[Source data]
>>>>
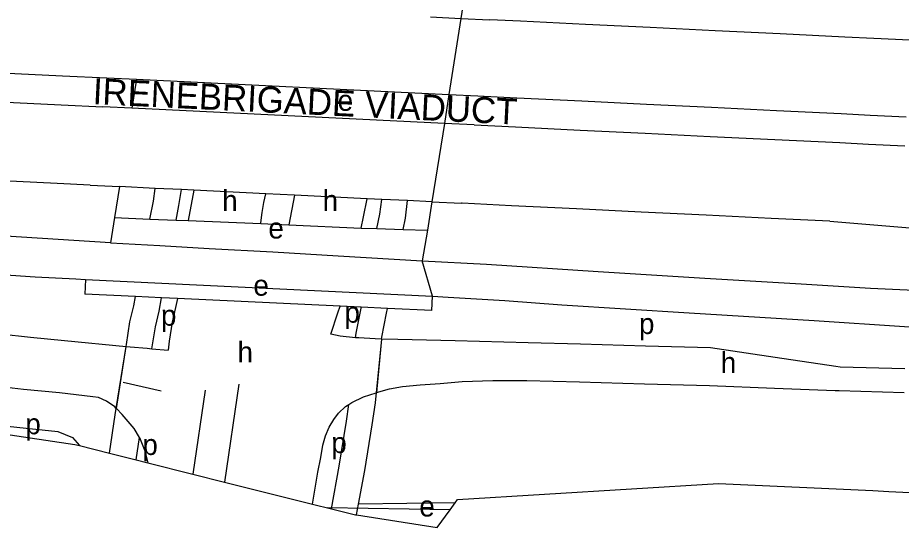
# Model space of a CAD drawing. Extents: x 161093 to 163177, y 379000 to 380904.
# Drawn here: x 161451 to 161621, y 379498.6 to 379596.7 of the extents above; entities that cross this region are included whole.
import ezdxf

# ---------------------------------------------------------------- set-up
doc = ezdxf.new("R2010")
doc.units = 0
for name, color, linetype in [('BLT_Basislijn', 7, 'Continuous'), ('BLT_Centroide', 7, 'Continuous'), ('BLT_Gemeentegrens', 7, 'Continuous'), ('BLT_Hoogspanningsmast_en_leidingen', 7, 'Continuous'), ('BLT_Straatnaam', 7, 'Continuous'), ('BLT_Vlakafsluiter', 7, 'Continuous')]:
    doc.layers.add(name, color=color, linetype=linetype)

msp = doc.modelspace()

# ---------------------------------------------------------------- linework, layer by layer
at = {"layer": 'BLT_Basislijn'}
for p, q in [((161537.25, 379602.42), (161536.33, 379596.59)), ((161530.46, 379596.88), (161536.33, 379596.59)), ((161536.33, 379596.59), (161541.91, 379596.32)), ((161468.18, 379585.15), (161473.89, 379584.87)), ((161473.89, 379584.87), (161473.01, 379579.31)), ((161473.89, 379584.87), (161534.01, 379581.94)), ((161534.01, 379581.94), (161533.13, 379576.38)), ((161534.01, 379581.94), (161539.59, 379581.67)), ((161473.01, 379579.31), (161467.42, 379579.58)), ((161533.13, 379576.38), (161473.01, 379579.31)), ((161538.85, 379576.1), (161533.13, 379576.38)), ((161465.01, 379564.48), (161470.62, 379564.2)), ((161470.62, 379564.2), (161469.68, 379558.25)), ((161477.51, 379563.87), (161470.62, 379564.2)), ((161482.53, 379563.62), (161477.51, 379563.87)), ((161484.95, 379563.51), (161482.53, 379563.62)), ((161498.77, 379562.83), (161484.95, 379563.51)), ((161504.33, 379562.56), (161498.77, 379562.83)), ((161518.25, 379561.88), (161504.33, 379562.56)), ((161521.07, 379561.75), (161518.25, 379561.88)), ((161526.07, 379561.5), (161521.07, 379561.75)), ((161530.74, 379561.27), (161526.07, 379561.5)), ((161530.74, 379561.27), (161529.88, 379555.82)), ((161530.74, 379561.27), (161536.46, 379560.99)), ((161469.68, 379558.25), (161468.91, 379553.37)), ((161469.68, 379558.25), (161476.49, 379557.96)), ((161476.49, 379557.96), (161481.54, 379557.75)), ((161481.54, 379557.75), (161483.85, 379557.66)), ((161483.85, 379557.66), (161497.79, 379557.1)), ((161607.31, 379557.54), (161658.4, 379553.21)), ((161497.79, 379557.1), (161503.24, 379556.85)), ((161503.24, 379556.85), (161517.15, 379556.23)), ((161517.15, 379556.23), (161520.16, 379556.14)), ((161520.16, 379556.14), (161525.23, 379555.97)), ((161525.23, 379555.97), (161529.88, 379555.82)), ((161529.88, 379555.82), (161528.84, 379549.91)), ((161464.09, 379546.35), (161530.82, 379543.1)), ((161473.7, 379543.04), (161463.96, 379543.51)), ((161478.74, 379542.8), (161473.7, 379543.04)), ((161481.8, 379542.66), (161478.74, 379542.8)), ((161513.09, 379541.16), (161481.8, 379542.66)), ((161517.15, 379540.97), (161513.09, 379541.16)), ((161522.2, 379540.73), (161517.15, 379540.97)), ((161530.69, 379540.32), (161522.2, 379540.73)), ((161471.35, 379526.54), (161478.65, 379524.87)), ((161493.61, 379526.16), (161490.85, 379507.33)), ((161487.1, 379525.01), (161484.73, 379508.87)), ((161470.05, 379521.46), (161470.01, 379521.51)), ((161473.86, 379511.59), (161474.49, 379515.88)), ((161516.25, 379500.98), (161516.64, 379503.07)), ((161535.22, 379503.34), (161516.64, 379503.07))]:
    msp.add_line(p, q, dxfattribs=at)
for points in [[(161242.08, 379596.17), (161247.42, 379595.91), (161256.19, 379595.48), (161259.91, 379595.3), (161272.39, 379594.69), (161284.88, 379594.08), (161297.36, 379593.47), (161309.85, 379592.86), (161322.33, 379592.26), (161334.82, 379591.65), (161345.9, 379591.11), (161347.3, 379591.04), (161359.79, 379590.43), (161372.27, 379589.82), (161384.76, 379589.21), (161397.24, 379588.61), (161409.73, 379588), (161422.21, 379587.39), (161434.7, 379586.78), (161447.18, 379586.17), (161447.84, 379586.14), (161459.67, 379585.56), (161468.18, 379585.15)], [(161622.69, 379592.38), (161615.75, 379592.72), (161610.21, 379592.99), (161597.72, 379593.6), (161585.24, 379594.21), (161572.75, 379594.82), (161560.27, 379595.43), (161547.78, 379596.03), (161541.91, 379596.32)], [(161243.4, 379590.5), (161247.15, 379590.31), (161255.92, 379589.89), (161259.63, 379589.71), (161272.12, 379589.1), (161284.6, 379588.49), (161297.09, 379587.88), (161309.57, 379587.27), (161322.06, 379586.66), (161334.54, 379586.05), (161345.63, 379585.51), (161347.03, 379585.45), (161359.51, 379584.84), (161372, 379584.23), (161384.48, 379583.62), (161396.97, 379583.01), (161409.46, 379582.4), (161421.94, 379581.79), (161434.43, 379581.19), (161446.91, 379580.58), (161447.57, 379580.55), (161459.4, 379579.97), (161467.42, 379579.58)], [(161539.59, 379581.67), (161547.06, 379581.3), (161559.55, 379580.69), (161572.04, 379580.09), (161584.52, 379579.48), (161597.01, 379578.87), (161609.49, 379578.26), (161615.03, 379577.99), (161621.98, 379577.65)], [(161538.85, 379576.1), (161546.79, 379575.71), (161559.28, 379575.1), (161571.76, 379574.49), (161584.25, 379573.88), (161596.73, 379573.27), (161609.22, 379572.67), (161614.76, 379572.4), (161621.7, 379572.06)], [(161465.01, 379564.48), (161458.66, 379564.79), (161446.83, 379565.36), (161446.17, 379565.4), (161433.69, 379566), (161431.19, 379566.13), (161421.2, 379566.68), (161408.72, 379567.37), (161396.24, 379568.05), (161383.76, 379568.74), (161371.28, 379569.43), (161361.29, 379569.98), (161358.8, 379570.1), (161346.31, 379570.71), (161344.91, 379570.78), (161333.83, 379571.32), (161321.34, 379571.93), (161308.86, 379572.54), (161296.37, 379573.15), (161283.89, 379573.76), (161271.4, 379574.36), (161258.91, 379574.97), (161255.2, 379575.15), (161246.87, 379575.56)], [(161476.49, 379557.96), (161477.14, 379561.41), (161477.51, 379563.87)], [(161481.54, 379557.75), (161482.07, 379560.58), (161482.53, 379563.62)], [(161484.95, 379563.51), (161483.85, 379557.66)], [(161497.79, 379557.1), (161497.8, 379557.25), (161498.05, 379559.19), (161498.37, 379561.16), (161498.77, 379562.83)], [(161504.33, 379562.56), (161503.24, 379556.85)], [(161517.15, 379556.23), (161517.55, 379558.37), (161518.25, 379561.88)], [(161520.16, 379556.14), (161520.71, 379558.89), (161521.07, 379561.75)], [(161525.23, 379555.97), (161525.65, 379558.1), (161526.07, 379561.5)], [(161607.31, 379557.54), (161595.99, 379558.09), (161583.51, 379558.7), (161571.02, 379559.31), (161558.54, 379559.92), (161546.05, 379560.53), (161536.54, 379560.99), (161536.46, 379560.99)], [(161468.91, 379553.37), (161441.66, 379555.1), (161425.48, 379555.97), (161413.37, 379556.65), (161401.07, 379557.43), (161384.91, 379558.08), (161370.17, 379558.47), (161360.71, 379558.61), (161348.9, 379558.77), (161336.72, 379558.86), (161327.12, 379558.86), (161319.01, 379558.78), (161303.08, 379558.68), (161272.2, 379559.16), (161253.53, 379559.85), (161250.49, 379560.01)], [(161261.39, 379552.8), (161273.45, 379552.5), (161285.98, 379552.25), (161298.52, 379552.08), (161311.06, 379551.98), (161319.42, 379551.95), (161323.57, 379551.94), (161336.03, 379551.86), (161348.49, 379551.72), (161360.95, 379551.5), (161373.41, 379551.21), (161385.87, 379550.85), (161398.32, 379550.42), (161401.66, 379550.29), (161410.39, 379549.77), (161416.83, 379549.4), (161423.22, 379548.85), (161435.02, 379548.07), (161444.96, 379547.48), (161454.4, 379546.86), (161462.23, 379546.44), (161464.09, 379546.35)], [(161468.91, 379553.37), (161478.36, 379552.87), (161487.9, 379552.29), (161500.11, 379551.67), (161512.73, 379550.87), (161528.84, 379549.91)], [(161528.84, 379549.91), (161541.23, 379549.25), (161562.75, 379547.83), (161583.27, 379546.58), (161601.78, 379545.47), (161615.1, 379544.66), (161627.84, 379544.08)], [(161466.57, 379523.58), (161465.52, 379523.74), (161459.11, 379524.48), (161452.14, 379525.12), (161446.62, 379525.78), (161369.51, 379533.51), (161334.97, 379539.89), (161316.52, 379541.74), (161309.87, 379542.4), (161297.43, 379543.61), (161284.98, 379544.76), (161272.54, 379545.87), (161260.08, 379546.94), (161253.4, 379547.49)], [(161464.09, 379546.35), (161463.96, 379543.51)], [(161471.89, 379533.44), (161471.95, 379533.82), (161472.64, 379538.18), (161473.36, 379541.24), (161473.7, 379543.04)], [(161476.88, 379532.99), (161477.55, 379537.21), (161478.25, 379540.21), (161478.74, 379542.8)], [(161481.8, 379542.66), (161481.51, 379541.48), (161480.77, 379538.13), (161480.18, 379534.45), (161480.02, 379532.72)], [(161530.69, 379540.32), (161530.82, 379543.1)], [(161530.82, 379543.1), (161533.84, 379542.95), (161544.77, 379542.28), (161555.76, 379541.42), (161580.23, 379539.92), (161604.27, 379538.4), (161621.66, 379537.24), (161640.93, 379536.15), (161657.33, 379535.14), (161669.99, 379534.16), (161684.77, 379532.93), (161693.12, 379532.02), (161697.18, 379531.58), (161709.65, 379530.26), (161722.13, 379529), (161734.61, 379527.82), (161747.1, 379526.72), (161749.8, 379526.49)], [(161511.31, 379535.8), (161512.63, 379539.9), (161513.09, 379541.16)], [(161516.06, 379535.12), (161516.14, 379535.98), (161517.13, 379540.83), (161517.15, 379540.97)], [(161521.06, 379534.86), (161521.1, 379535.24), (161522.03, 379539.85), (161522.2, 379540.73)], [(161447.63, 379535.88), (161453.48, 379535.19), (161460.02, 379534.57), (161471.89, 379533.44)], [(161516.06, 379535.12), (161513.09, 379535.4), (161511.31, 379535.8)], [(161521.01, 379534.86), (161519.85, 379534.9), (161516.7, 379535.06), (161516.06, 379535.12)], [(161521.06, 379534.86), (161521.01, 379534.86)], [(161621.74, 379529.09), (161609.25, 379529.44), (161608.46, 379529.56), (161596.79, 379531.29), (161584.34, 379533.14), (161571.85, 379533.49), (161559.35, 379533.85), (161549.23, 379534.13), (161535.21, 379534.49), (161524.16, 379534.76), (161521.06, 379534.86)], [(161471.89, 379533.44), (161471.94, 379533.44)], [(161471.94, 379533.44), (161472.67, 379533.37), (161475.93, 379533.07), (161476.88, 379532.99)], [(161476.88, 379532.99), (161480.02, 379532.72)], [(161520.06, 379524.54), (161522.6, 379525.24), (161525.08, 379525.71), (161528.48, 379526.03), (161532.34, 379526.31), (161536.58, 379526.65), (161542.43, 379526.87), (161549.03, 379526.88), (161559.15, 379526.6), (161571.64, 379526.25), (161584.14, 379525.9), (161596.63, 379525.42), (161608.33, 379524.97), (161609.12, 379524.94), (161621.62, 379524.59)], [(161470.01, 379521.51), (161469.72, 379521.81), (161468.1, 379522.91), (161466.57, 379523.58)], [(161514.77, 379522.26), (161515.3, 379522.61), (161517.59, 379523.73), (161520, 379524.52)], [(161516.64, 379503.07), (161517.84, 379509.55), (161519.26, 379518.32), (161519.87, 379522.57), (161520.06, 379524.54)], [(161520, 379524.52), (161520.06, 379524.54)], [(161376.44, 379522.39), (161380.29, 379522.21), (161394.19, 379521.43), (161410.58, 379521.06), (161424.33, 379520.4), (161434.31, 379519.55), (161442.93, 379518.71), (161458.75, 379517.04)], [(161509.73, 379514.42), (161510.28, 379516.24), (161510.96, 379517.92), (161511.86, 379519.34), (161512.79, 379520.58), (161514.13, 379521.84), (161514.77, 379522.26)], [(161511.39, 379502.18), (161512.92, 379510.41), (161514.32, 379519.07), (161514.77, 379522.26)], [(161468.73, 379512.88), (161469.81, 379520.24), (161470.01, 379521.51)], [(161474.49, 379515.88), (161473.45, 379517.64), (161471.15, 379520.34), (161470.05, 379521.46)], [(161458.75, 379517.04), (161461.56, 379515.92), (161462.95, 379514.33)], [(161474.49, 379515.88), (161475.53, 379513.34), (161476.08, 379511.04)], [(161507.76, 379503.09), (161508.23, 379505.73), (161508.81, 379509.2), (161509.34, 379512.04), (161509.73, 379514.42)]]:
    msp.add_lwpolyline(points, dxfattribs=at)
at = {"layer": 'BLT_Gemeentegrens'}
for p, q in [((161462.95, 379514.33), (161468.73, 379512.88)), ((161473.86, 379511.59), (161476.08, 379511.04)), ((161476.08, 379511.04), (161484.73, 379508.87)), ((161484.73, 379508.87), (161490.85, 379507.33)), ((161490.85, 379507.33), (161507.76, 379503.09)), ((161534.23, 379502), (161535.22, 379503.34))]:
    msp.add_line(p, q, dxfattribs=at)
for points in [[(161376.44, 379522.39), (161442.23, 379517.53), (161462.01, 379514.56), (161462.95, 379514.33)], [(161468.73, 379512.88), (161472.54, 379511.93), (161473.86, 379511.59)], [(161535.22, 379503.34), (161535.68, 379503.96), (161585.89, 379507.02), (161615.55, 379505.69), (161618.63, 379505.53), (161621.36, 379505.38), (161635.7, 379504.63), (161666.33, 379505.31), (161667.77, 379505.34), (161676.74, 379505.54), (161735.99, 379506.87), (161891.41, 379511.56), (161894.5, 379511.66), (161900, 379511.82), (161900.14, 379511.83), (161901.03, 379511.85), (161905.93, 379512), (161913.88, 379512.24), (161936.33, 379512.92)], [(161507.76, 379503.09), (161511.39, 379502.18)], [(161511.39, 379502.18), (161516.02, 379501.02), (161516.25, 379500.98)], [(161516.25, 379500.98), (161531.72, 379498.6), (161534.23, 379502)]]:
    msp.add_lwpolyline(points, dxfattribs=at)
at = {"layer": 'BLT_Hoogspanningsmast_en_leidingen'}
msp.add_line((161534.23, 379502), (161510.6, 379502.38), dxfattribs=at)
at = {"layer": 'BLT_Vlakafsluiter'}
for p, q in [((161536.33, 379596.59), (161534.01, 379581.94)), ((161533.13, 379576.38), (161530.74, 379561.27)), ((161530.82, 379543.1), (161528.84, 379549.91)), ((161521.01, 379534.86), (161520, 379524.52)), ((161521.06, 379534.86), (161520.06, 379524.54)), ((161470.01, 379521.51), (161471.89, 379533.44)), ((161470.05, 379521.46), (161471.94, 379533.44))]:
    msp.add_line(p, q, dxfattribs=at)

# ---------------------------------------------------------------- texts
at = {"layer": 'BLT_Centroide'}
for s, p in [('e', (161512.6, 379578.8)), ('h', (161490.39, 379559.51)), ('h', (161509.7, 379559.51)), ('e', (161499.27, 379554.21)), ('e', (161496.39, 379543.2)), ('p', (161478.61, 379537.42)), ('p', (161513.92, 379538)), ('p', (161570.58, 379535.82)), ('h', (161493.34, 379530.34)), ('h', (161586.31, 379528.32)), ('p', (161452.51, 379516.52)), ('p', (161475.03, 379512.53)), ('p', (161511.38, 379512.9)), ('e', (161528.31, 379500.69))]:
    msp.add_text(s, height=4, dxfattribs=at).set_placement(p)
at = {"layer": 'BLT_Straatnaam'}
msp.add_text('IRENEBRIGADE VIADUCT', height=5, rotation=357.2095, dxfattribs=at).set_placement((161465.4, 379580.11))

doc.saveas('drawing.dxf')
<<<<
DIRECTIONS:
What should be set down is every line from the opening of the records through the line that contains "doc.units = 0", exactly, with pictures left out.

ANSWER TO THE PROBLEM:
# Model space of a CAD drawing. Extents: x 161093 to 163177, y 379000 to 380904.
# Drawn here: x 161451 to 161621, y 379498.6 to 379596.7 of the extents above; entities that cross this region are included whole.
import ezdxf

# ---------------------------------------------------------------- set-up
doc = ezdxf.new("R2010")
doc.units = 0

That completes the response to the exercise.